§ **The task**: The lines below that include "Catalogue" are to be found and copied.

§ **Source data**:
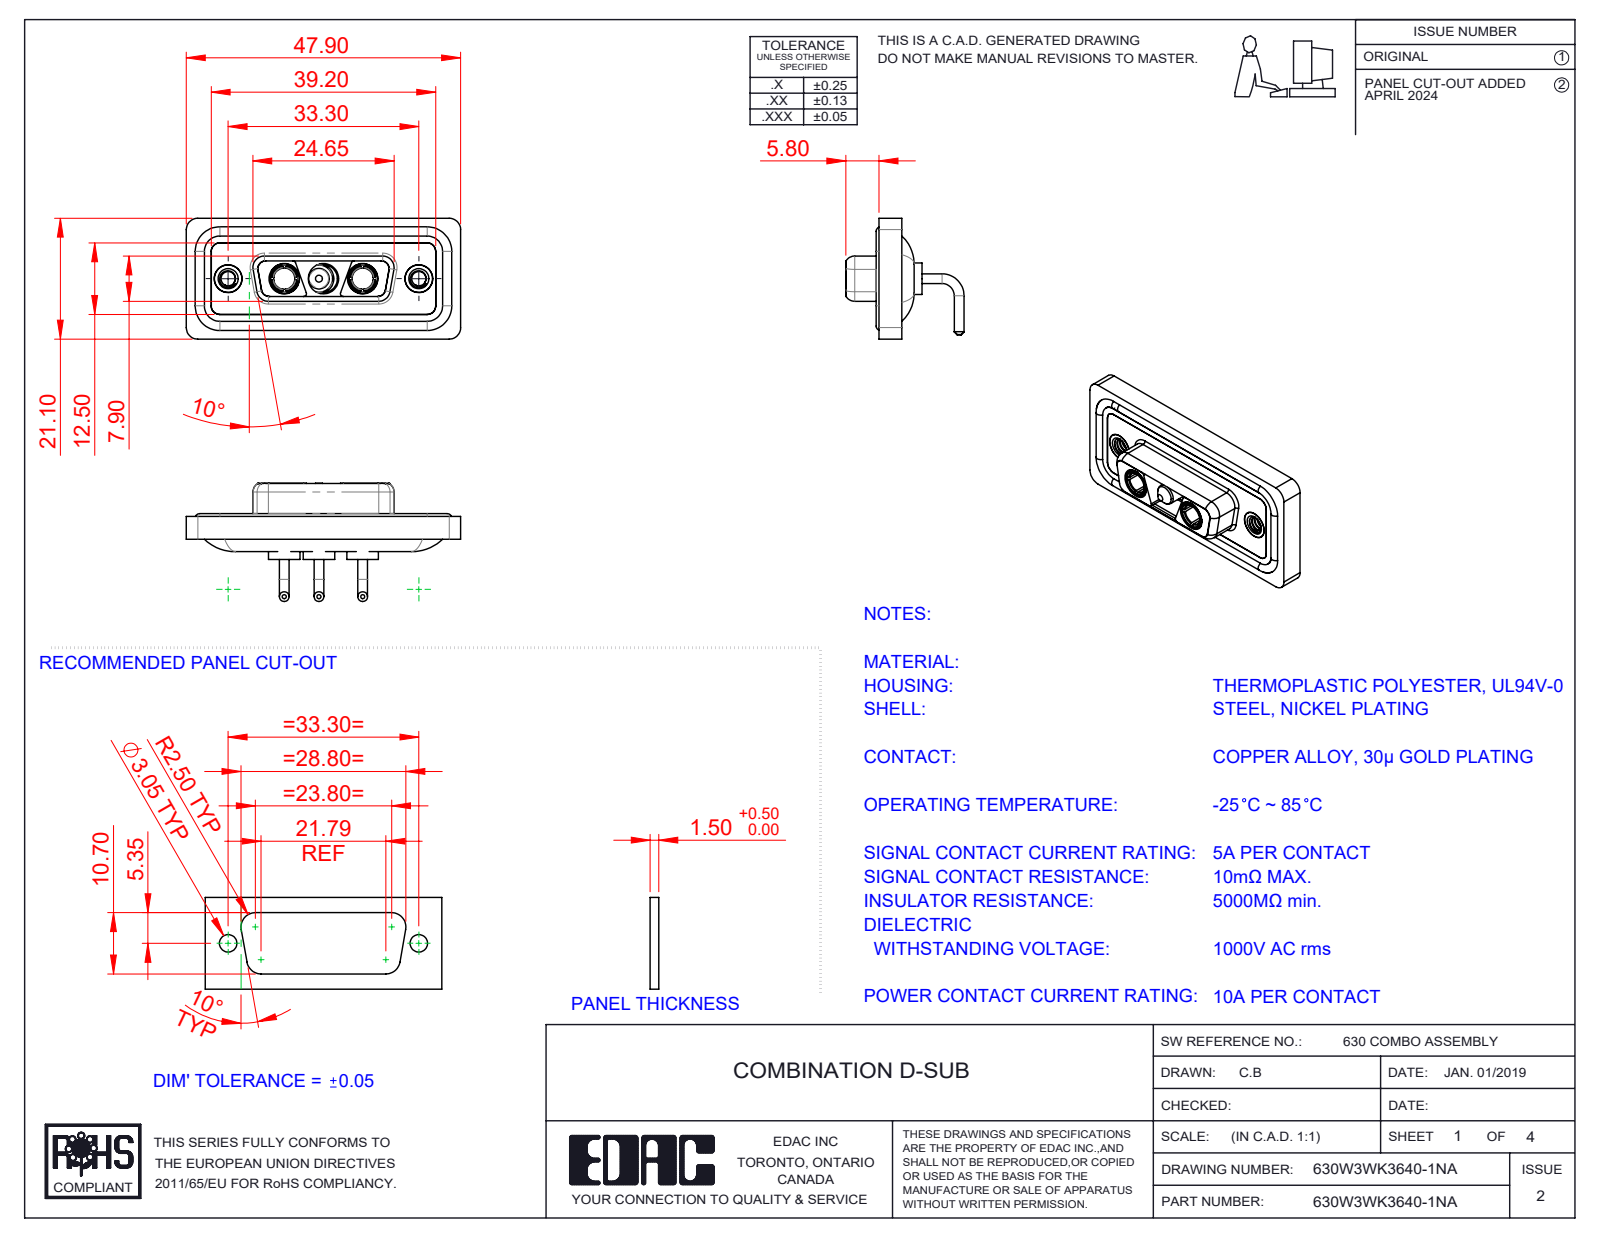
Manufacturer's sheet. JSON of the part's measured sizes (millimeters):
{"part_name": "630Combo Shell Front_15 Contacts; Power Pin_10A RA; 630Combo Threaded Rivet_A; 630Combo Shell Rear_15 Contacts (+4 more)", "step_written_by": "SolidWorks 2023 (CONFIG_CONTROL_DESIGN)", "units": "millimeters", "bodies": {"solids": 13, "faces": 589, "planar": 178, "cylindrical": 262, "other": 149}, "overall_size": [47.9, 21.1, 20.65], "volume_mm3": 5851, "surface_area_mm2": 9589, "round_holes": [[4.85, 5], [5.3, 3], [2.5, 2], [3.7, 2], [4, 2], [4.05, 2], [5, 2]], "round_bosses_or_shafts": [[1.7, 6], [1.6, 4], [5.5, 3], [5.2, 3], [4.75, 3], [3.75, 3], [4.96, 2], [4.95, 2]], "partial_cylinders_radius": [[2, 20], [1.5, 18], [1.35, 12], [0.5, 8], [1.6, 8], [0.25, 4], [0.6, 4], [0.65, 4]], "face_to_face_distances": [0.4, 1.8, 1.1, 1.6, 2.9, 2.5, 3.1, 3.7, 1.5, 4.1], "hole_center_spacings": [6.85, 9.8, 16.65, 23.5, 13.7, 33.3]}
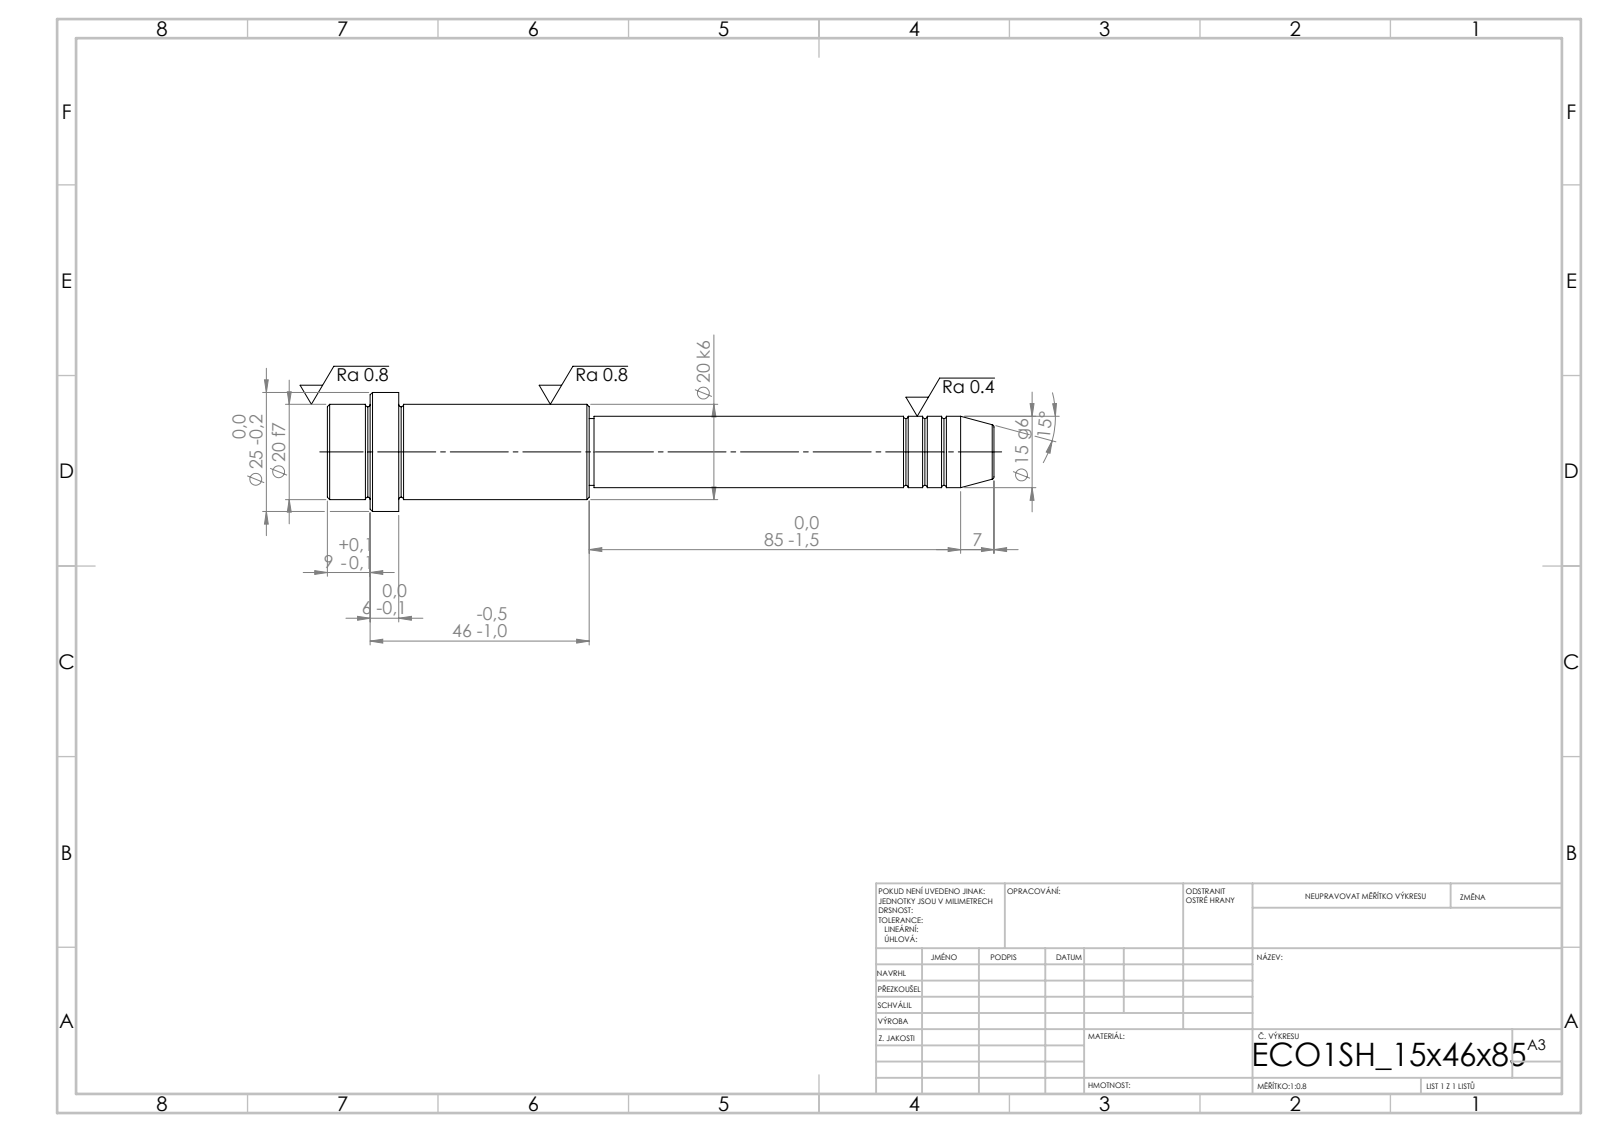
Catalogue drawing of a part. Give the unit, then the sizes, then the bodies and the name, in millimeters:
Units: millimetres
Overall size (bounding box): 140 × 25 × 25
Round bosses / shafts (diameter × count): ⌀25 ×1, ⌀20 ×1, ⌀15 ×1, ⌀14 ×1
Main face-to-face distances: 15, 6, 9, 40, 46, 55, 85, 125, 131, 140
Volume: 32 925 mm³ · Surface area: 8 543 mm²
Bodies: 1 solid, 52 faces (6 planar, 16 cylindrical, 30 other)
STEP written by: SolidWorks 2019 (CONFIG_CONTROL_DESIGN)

--

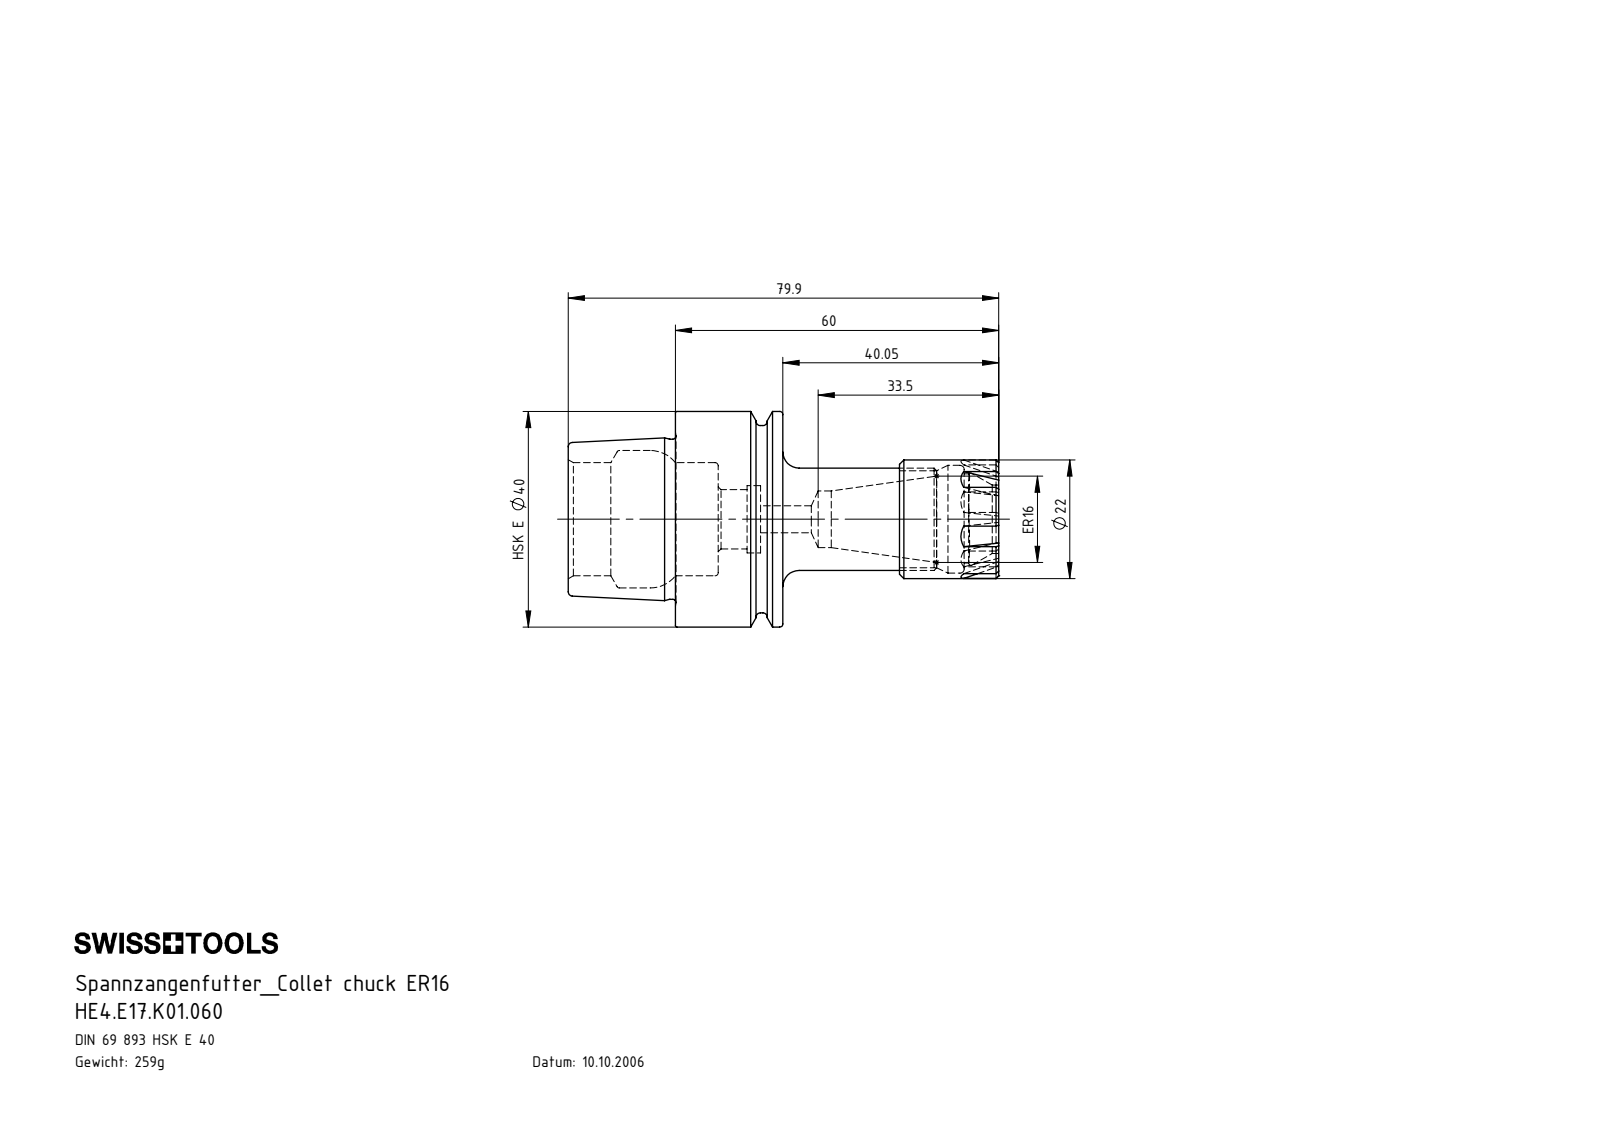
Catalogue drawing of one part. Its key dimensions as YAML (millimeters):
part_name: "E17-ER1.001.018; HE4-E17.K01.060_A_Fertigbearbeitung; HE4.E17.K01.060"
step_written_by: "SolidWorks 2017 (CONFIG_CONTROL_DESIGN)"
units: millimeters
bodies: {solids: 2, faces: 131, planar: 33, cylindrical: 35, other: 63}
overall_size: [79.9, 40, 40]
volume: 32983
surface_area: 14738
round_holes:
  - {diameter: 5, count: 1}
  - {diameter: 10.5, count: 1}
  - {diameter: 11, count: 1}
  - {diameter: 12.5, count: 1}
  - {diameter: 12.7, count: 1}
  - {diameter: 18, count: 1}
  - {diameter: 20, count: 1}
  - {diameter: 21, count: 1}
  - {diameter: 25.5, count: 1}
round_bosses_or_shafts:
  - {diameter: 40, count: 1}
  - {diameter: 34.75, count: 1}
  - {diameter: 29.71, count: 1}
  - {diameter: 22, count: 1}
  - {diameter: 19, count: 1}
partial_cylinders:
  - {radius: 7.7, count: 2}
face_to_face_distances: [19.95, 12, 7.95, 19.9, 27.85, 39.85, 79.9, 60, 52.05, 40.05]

§ **Solution for this problem**:
Catalogue drawing of a part. Give the unit, then the sizes, then the bodies and the name, in millimeters:
Catalogue drawing of one part. Its key dimensions as YAML (millimeters):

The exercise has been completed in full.